#### Required action:
Please repeat the records below exactly, but only from the line that contains "Volume: 1435135.7 mm3;" onward, ending with the last line.

(The input begins)

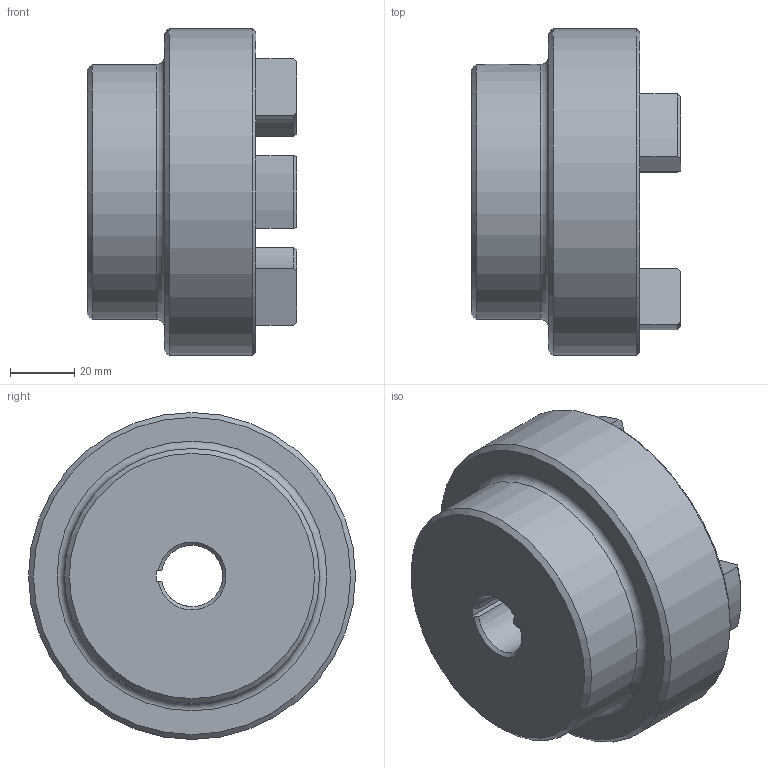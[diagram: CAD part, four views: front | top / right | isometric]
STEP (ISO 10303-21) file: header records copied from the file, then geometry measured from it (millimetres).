
FILE_DESCRIPTION (( 'STEP AP203' ), '1' );
FILE_NAME ('RC4.step', '2024-07-24T17:32:54', ( 'Adlan' ), ( '' ), 'SwSTEP 2.0', 'SolidWorks 2013', '' );
FILE_SCHEMA (( 'CONFIG_CONTROL_DESIGN' ));
Length unit declared in the file: inch
Products named in the file (1): RC4
Bounding box: 65.02 x 101.6 x 101.6 mm (x, y, z)
Volume: 268648.2 mm3; surface area: 40925.4 mm2
Topology: 1 solids, 1 shells, 70 faces, 180 edges, 113 vertices
Faces by surface type: cylinder 26, plane 19, torus 13, cone 12
Full cylindrical faces by diameter (mm): 5.105 x2, 79.248 x1, 101.6 x1
Entity records: 2383 total; most frequent: CARTESIAN_POINT 619, DIRECTION 370, ORIENTED_EDGE 332, EDGE_CURVE 166, AXIS2_PLACEMENT_3D 146, VERTEX_POINT 109, EDGE_LOOP 87, LINE 78
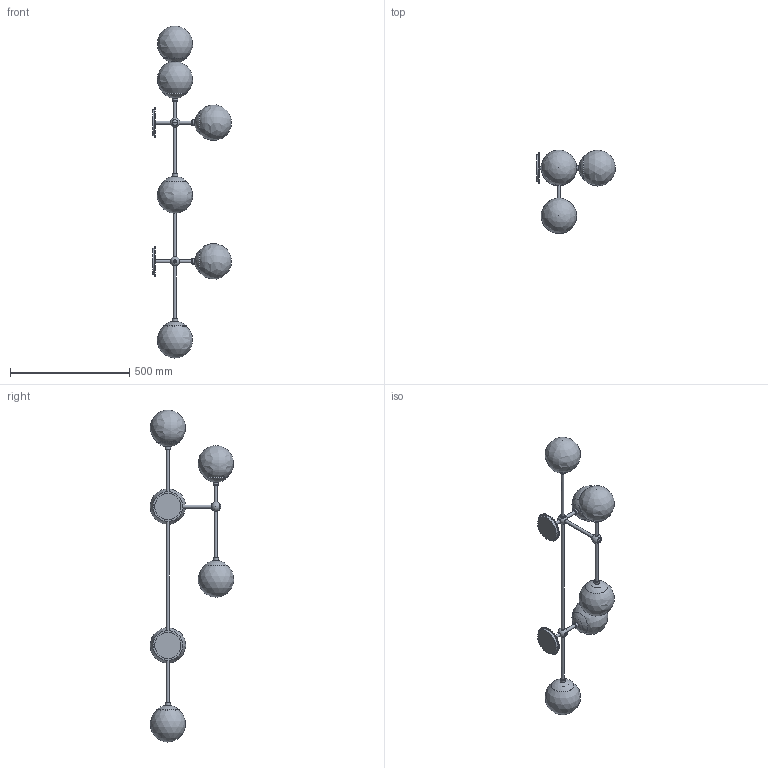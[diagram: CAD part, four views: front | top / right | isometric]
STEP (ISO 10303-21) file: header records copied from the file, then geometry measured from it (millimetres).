
FILE_DESCRIPTION(/* description */ (''),/* implementation_level */ '2;1');
FILE_NAME(/* name */ 'T:\B573 Globe Armstrong Multi Sconce Left 6\Pliki bryłowe handlowe\B573 Armstrong 6 R 3D files\B573 Armstrong 6 R.stp',/* time_stamp */ '2022-01-27T12:49:21+01:00',/* author */ ('Mariusz Awariusz'),/* organization */ (''),/* preprocessor_version */ 'ST-DEVELOPER v18.1',/* originating_system */ 'Autodesk Inventor 2022',/* authorisation */ '');
FILE_SCHEMA (('AUTOMOTIVE_DESIGN { 1 0 10303 214 3 1 1 }'));
Length unit declared in the file: millimetre
Products named in the file (1): B573 Globe Armstrong Multi Sconce Left 6 CE_v1_na potrzeby plików
 3D_2_jako część
Bounding box: 331.37 x 350.59 x 1393.43 mm (x, y, z)
Volume: 1435135.7 mm3; surface area: 1056747.8 mm2
Topology: 7 solids, 9 shells, 215 faces, 434 edges, 282 vertices
Faces by surface type: cylinder 72, plane 62, cone 36, sphere 21, torus 12, bspline 12
Full cylindrical faces by diameter (mm): 11.6 x2, 11.917 x2, 13 x16, 13.1 x3, 13.5 x13, 16 x6, 22 x6, 23.1 x3, 23.5 x3, 50.221 x6, 110 x2, 125 x2
Entity records: 6301 total; most frequent: CARTESIAN_POINT 1586, DIRECTION 1100, ORIENTED_EDGE 840, AXIS2_PLACEMENT_3D 488, EDGE_CURVE 420, CIRCLE 284, VERTEX_POINT 282, EDGE_LOOP 278

(The input ends)

#### Output for this task:
Volume: 1435135.7 mm3; surface area: 1056747.8 mm2
Topology: 7 solids, 9 shells, 215 faces, 434 edges, 282 vertices
Faces by surface type: cylinder 72, plane 62, cone 36, sphere 21, torus 12, bspline 12
Full cylindrical faces by diameter (mm): 11.6 x2, 11.917 x2, 13 x16, 13.1 x3, 13.5 x13, 16 x6, 22 x6, 23.1 x3, 23.5 x3, 50.221 x6, 110 x2, 125 x2
Entity records: 6301 total; most frequent: CARTESIAN_POINT 1586, DIRECTION 1100, ORIENTED_EDGE 840, AXIS2_PLACEMENT_3D 488, EDGE_CURVE 420, CIRCLE 284, VERTEX_POINT 282, EDGE_LOOP 278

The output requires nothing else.